Sidenote: Did the Bounty mutiny help to serve as inspiration for the mutiny that figures in to Elizabeth Gaskell’s North and South? There were a number of famous mutinies at the turn of the nineteenth century, and Gaskell likely would’ve heard these controversial stories growing up.
8. The Sea Wolf
by Jack London, 1904
Landsman Humphrey van Weyden is taking a ferryboat in foggy San Francisco bay when his boat collides with another craft and sinks. He’s rescued by a schooner captained by the tyrannical Wolf Larsen, who forces van Weyden to join his crew. As the schooner sails for Japan, van Weyden is forced to grapple with his own physical shortcomings and the psychological strain of his relationship with Captain Larsen.
Jack London was fast becoming a celebrity author by the time The Sea Wolf was published, and the book was an instant best seller.

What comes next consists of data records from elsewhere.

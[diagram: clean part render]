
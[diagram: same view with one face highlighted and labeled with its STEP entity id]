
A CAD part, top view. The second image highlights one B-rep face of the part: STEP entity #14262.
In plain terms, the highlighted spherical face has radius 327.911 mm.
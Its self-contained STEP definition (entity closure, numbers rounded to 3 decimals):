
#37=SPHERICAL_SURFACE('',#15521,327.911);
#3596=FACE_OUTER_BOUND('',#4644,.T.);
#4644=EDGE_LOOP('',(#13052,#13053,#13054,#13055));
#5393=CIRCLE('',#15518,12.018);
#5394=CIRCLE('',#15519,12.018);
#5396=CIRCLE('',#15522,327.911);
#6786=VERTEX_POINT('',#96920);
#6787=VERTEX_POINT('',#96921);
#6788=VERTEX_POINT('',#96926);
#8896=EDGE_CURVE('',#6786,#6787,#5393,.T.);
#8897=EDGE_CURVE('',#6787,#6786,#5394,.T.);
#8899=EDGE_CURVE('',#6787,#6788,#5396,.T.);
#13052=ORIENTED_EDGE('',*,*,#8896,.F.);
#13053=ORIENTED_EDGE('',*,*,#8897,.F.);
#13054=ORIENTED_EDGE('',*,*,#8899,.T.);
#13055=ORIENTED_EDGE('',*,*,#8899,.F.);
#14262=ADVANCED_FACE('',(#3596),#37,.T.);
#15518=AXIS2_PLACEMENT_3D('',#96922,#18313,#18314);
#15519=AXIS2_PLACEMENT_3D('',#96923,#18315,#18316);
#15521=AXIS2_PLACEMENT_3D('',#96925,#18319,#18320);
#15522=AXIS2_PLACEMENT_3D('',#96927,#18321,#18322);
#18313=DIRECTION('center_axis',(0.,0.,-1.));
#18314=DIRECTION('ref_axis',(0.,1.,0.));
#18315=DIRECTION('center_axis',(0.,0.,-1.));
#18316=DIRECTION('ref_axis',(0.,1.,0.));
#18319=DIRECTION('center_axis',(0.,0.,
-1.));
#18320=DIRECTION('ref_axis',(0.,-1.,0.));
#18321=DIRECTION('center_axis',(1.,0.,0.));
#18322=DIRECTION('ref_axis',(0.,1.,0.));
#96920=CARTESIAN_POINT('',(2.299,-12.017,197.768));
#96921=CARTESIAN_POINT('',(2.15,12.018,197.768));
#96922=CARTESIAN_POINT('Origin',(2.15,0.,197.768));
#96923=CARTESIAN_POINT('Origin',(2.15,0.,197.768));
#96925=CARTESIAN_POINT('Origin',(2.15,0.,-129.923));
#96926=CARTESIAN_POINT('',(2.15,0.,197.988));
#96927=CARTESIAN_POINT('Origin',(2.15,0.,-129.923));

Although harsh conditions at sea lend a psychological element to many maritime novels, this theme is especially notable in The Sea Wolf, and still makes for a fascinating drama over one hundred years later!
When you come to the end of these eight books, you might be surprised to learn how grueling and tenuous life at sea actually is. If these stories are anything to go on, it’s no picnic. Alain Gerbault spent 700 days at sea during his round-the-world voyage, often under intense physical and mental strain.
Yet there’s something about the sea that renews us even while it demands our exertion. Alain Gerbault knew that, and I get a glimpse of it every time I slip between the pages of a good nautical novel.